Loyal Orange Institution in Disarray
A recent book written by current Orangeman Rev. Brian Kennaway lifts the lid on the current division and disillusionment existing within the Loyal Orange Institution. This book is more significant and impacting due to the fact that the writer – Mr Kennaway – was Convener of the Orange Order’s Education Committee from 1992 until 2000. His explosive book exposes the double standards of the Order and their condoning of violence and Paramilitary behaviour over the years. It also shows the lack of leadership at the top and the general decline in standards and discipline of the Loyal Orange Institution. As we have stated repeatedly on this board, the decline that began in Belfast a long time ago has quickly moved out to greater Belfast and to the rural towns currently. The religious principles of the Order have been replaced by impotent Political aims. Whilst the Loyal Orange Institution purports to stand for the honourable principles of the Reformation, she in fact opposes them by her inward practices and words. Christians caught in the middle of this religious Institution must surely make a choice whether they are going to condone the compromise or separate from it.

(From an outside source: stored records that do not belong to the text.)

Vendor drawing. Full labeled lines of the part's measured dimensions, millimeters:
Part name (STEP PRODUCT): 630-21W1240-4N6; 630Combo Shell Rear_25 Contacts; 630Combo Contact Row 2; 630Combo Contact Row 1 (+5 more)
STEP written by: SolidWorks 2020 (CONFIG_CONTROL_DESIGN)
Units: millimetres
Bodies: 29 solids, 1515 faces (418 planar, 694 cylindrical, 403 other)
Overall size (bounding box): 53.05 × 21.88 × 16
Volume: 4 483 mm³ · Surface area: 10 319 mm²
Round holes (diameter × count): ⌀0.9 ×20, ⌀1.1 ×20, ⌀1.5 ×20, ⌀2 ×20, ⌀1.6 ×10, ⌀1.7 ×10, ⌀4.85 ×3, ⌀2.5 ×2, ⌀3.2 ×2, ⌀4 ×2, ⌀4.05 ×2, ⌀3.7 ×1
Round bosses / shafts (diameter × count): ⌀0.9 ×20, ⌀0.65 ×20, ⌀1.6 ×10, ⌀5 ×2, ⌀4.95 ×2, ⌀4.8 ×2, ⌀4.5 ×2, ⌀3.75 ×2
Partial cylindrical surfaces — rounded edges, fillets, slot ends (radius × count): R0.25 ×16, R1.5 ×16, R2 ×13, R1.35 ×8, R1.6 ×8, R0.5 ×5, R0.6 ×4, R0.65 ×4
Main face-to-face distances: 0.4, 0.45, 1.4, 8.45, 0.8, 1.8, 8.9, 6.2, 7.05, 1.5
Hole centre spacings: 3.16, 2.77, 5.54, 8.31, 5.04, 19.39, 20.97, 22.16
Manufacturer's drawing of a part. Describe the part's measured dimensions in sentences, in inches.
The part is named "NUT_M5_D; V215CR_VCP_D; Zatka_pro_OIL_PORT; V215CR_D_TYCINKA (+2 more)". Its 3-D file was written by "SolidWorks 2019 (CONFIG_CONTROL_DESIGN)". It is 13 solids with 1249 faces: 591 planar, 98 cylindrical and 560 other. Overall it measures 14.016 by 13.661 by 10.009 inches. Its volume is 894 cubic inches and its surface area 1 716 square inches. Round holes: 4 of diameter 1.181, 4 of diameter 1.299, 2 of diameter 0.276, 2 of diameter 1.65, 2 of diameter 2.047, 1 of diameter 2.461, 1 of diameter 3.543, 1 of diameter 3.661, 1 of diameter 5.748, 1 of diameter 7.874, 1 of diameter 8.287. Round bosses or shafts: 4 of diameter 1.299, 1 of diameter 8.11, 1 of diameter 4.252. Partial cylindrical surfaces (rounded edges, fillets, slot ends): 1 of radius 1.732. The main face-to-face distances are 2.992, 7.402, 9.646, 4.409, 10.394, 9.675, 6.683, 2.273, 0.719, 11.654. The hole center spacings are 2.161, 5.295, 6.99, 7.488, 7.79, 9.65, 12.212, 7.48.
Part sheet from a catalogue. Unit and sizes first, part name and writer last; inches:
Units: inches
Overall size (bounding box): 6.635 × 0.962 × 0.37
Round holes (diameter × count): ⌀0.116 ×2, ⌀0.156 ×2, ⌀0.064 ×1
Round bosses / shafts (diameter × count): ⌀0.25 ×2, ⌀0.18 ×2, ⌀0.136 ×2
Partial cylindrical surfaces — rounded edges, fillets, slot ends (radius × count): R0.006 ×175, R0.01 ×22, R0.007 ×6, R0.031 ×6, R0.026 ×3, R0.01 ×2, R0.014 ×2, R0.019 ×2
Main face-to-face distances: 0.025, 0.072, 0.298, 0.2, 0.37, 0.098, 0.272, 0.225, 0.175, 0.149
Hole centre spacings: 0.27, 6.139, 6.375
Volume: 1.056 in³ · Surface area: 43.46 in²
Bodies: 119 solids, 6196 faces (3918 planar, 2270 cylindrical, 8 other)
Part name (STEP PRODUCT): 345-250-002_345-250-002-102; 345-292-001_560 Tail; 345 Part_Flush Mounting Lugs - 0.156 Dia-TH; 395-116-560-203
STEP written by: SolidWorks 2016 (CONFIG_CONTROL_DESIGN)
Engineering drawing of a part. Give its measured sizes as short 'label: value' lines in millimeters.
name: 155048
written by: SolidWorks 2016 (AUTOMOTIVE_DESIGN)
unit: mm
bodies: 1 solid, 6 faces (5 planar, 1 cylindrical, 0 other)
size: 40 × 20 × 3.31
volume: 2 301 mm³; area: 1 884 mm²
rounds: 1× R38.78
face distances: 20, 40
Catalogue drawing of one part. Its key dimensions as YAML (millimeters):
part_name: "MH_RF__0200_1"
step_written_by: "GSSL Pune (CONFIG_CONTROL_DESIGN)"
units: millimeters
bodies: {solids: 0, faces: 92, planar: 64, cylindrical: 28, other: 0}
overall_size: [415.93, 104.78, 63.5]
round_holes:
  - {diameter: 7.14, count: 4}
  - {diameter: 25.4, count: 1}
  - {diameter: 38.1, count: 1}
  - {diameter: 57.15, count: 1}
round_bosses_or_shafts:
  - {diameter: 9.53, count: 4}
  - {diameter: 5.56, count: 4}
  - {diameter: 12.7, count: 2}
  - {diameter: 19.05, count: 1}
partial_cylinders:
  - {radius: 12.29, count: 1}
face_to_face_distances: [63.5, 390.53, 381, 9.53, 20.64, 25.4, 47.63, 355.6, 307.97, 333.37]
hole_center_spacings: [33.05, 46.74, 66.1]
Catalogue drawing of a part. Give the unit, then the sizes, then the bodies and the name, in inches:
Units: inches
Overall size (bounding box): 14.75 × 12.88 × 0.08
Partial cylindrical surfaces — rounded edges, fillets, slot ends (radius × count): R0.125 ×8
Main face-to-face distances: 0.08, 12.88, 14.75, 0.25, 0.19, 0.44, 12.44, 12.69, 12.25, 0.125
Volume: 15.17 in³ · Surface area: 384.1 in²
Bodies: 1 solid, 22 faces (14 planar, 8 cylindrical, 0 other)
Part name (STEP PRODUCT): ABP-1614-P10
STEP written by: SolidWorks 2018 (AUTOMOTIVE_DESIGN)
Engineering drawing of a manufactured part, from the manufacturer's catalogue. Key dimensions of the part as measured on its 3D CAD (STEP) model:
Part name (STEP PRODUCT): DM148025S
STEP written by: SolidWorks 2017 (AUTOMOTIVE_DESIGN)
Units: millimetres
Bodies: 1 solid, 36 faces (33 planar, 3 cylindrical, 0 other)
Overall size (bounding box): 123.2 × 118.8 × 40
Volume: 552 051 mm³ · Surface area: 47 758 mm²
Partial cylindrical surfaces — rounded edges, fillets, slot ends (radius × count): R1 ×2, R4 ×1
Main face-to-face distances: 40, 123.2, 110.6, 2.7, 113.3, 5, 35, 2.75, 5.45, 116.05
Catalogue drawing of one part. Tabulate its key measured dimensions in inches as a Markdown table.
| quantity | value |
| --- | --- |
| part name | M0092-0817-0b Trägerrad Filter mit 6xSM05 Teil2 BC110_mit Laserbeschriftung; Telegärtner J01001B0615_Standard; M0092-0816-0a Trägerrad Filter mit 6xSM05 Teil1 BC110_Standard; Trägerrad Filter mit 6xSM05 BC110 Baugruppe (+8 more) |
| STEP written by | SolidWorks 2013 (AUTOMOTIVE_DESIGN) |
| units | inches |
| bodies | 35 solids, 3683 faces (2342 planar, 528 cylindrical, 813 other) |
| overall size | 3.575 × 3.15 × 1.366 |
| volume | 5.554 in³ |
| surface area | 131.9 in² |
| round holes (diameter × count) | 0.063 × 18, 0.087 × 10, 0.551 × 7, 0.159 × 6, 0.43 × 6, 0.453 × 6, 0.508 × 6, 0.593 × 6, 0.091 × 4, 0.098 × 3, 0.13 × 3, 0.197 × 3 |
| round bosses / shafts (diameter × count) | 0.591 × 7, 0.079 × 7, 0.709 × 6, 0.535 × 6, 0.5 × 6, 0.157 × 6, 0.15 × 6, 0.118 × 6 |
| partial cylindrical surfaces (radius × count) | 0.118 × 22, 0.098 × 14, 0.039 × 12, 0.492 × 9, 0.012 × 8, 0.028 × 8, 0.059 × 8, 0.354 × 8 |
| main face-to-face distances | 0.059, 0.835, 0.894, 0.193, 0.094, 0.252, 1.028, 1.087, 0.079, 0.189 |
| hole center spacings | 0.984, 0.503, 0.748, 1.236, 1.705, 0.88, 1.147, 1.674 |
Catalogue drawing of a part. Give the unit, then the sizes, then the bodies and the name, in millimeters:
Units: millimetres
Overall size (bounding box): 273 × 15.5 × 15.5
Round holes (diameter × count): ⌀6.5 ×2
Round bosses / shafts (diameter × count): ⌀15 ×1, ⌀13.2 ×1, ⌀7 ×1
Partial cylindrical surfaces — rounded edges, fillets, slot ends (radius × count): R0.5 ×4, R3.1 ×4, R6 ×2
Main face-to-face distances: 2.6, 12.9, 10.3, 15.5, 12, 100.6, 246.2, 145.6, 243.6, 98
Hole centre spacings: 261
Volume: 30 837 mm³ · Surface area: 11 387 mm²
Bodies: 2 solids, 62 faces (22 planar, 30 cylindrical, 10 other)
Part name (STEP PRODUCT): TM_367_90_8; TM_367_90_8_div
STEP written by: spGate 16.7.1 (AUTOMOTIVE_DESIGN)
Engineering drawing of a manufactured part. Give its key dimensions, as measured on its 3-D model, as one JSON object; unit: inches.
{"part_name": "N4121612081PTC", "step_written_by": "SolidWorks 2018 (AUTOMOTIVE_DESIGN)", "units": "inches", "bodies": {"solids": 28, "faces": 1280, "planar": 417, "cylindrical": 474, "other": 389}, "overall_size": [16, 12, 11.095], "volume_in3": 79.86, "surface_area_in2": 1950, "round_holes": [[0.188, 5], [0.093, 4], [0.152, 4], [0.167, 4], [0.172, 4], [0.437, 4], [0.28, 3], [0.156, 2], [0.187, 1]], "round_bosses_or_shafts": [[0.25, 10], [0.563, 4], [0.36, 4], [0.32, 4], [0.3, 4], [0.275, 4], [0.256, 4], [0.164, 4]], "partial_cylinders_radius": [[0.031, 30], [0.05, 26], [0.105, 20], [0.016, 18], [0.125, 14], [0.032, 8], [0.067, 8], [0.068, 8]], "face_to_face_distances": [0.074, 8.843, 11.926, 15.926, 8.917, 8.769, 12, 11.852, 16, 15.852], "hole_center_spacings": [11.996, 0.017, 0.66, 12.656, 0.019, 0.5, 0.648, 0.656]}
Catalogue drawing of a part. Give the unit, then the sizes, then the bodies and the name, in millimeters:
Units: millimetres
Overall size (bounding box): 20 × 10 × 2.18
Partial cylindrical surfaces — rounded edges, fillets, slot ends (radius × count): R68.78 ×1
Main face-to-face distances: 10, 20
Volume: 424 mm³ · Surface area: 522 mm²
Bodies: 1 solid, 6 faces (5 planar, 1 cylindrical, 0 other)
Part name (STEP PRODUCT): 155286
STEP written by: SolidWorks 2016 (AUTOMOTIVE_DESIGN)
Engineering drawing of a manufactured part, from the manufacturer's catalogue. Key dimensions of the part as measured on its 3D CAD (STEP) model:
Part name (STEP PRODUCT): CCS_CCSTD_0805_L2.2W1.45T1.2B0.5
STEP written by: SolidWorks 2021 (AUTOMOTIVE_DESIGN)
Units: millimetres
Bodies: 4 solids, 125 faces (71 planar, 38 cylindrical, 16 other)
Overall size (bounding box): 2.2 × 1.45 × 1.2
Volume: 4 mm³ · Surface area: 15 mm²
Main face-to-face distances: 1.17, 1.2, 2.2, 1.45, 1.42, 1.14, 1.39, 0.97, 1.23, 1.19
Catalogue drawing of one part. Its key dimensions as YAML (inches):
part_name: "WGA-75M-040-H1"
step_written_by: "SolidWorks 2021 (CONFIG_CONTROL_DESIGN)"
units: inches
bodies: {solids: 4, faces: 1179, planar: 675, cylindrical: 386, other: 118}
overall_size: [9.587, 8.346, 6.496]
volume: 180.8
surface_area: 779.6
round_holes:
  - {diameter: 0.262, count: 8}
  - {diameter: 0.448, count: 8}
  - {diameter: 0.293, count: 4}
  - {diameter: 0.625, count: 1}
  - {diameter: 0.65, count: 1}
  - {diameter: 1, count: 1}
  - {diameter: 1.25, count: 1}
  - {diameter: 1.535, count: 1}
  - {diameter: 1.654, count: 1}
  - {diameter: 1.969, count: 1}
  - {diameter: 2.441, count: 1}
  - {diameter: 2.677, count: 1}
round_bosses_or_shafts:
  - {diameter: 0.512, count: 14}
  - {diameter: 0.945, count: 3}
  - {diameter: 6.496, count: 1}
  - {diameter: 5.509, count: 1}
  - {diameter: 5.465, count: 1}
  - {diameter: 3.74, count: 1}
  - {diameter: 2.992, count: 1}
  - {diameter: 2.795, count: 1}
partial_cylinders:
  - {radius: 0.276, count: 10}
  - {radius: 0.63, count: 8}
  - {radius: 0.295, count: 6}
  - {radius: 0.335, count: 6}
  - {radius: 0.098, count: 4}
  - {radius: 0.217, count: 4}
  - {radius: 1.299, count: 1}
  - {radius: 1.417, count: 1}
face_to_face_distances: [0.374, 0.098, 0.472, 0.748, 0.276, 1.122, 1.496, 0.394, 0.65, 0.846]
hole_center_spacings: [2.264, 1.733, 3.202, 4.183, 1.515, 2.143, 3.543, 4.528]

Duplicity in the leadership? “When they tell people the policy of the Grand Lodge is not to talk to the Parades Commission,” he cites as an example. “‘We don’t recognise them, they’re an unelected quango’, yet at various levels throughout the Order they are making contact with the Parades Commission, including the leadership.”
Any conversation about the Loyal Orange Institution leads to parades. Not just because this is the most public face of the Order, but mainly because Drumcree and other infamous routes have such a severe impact on wider society. Rev Kennaway believes the “confrontational nature” of the parades dispute has heightened the Order’s problems.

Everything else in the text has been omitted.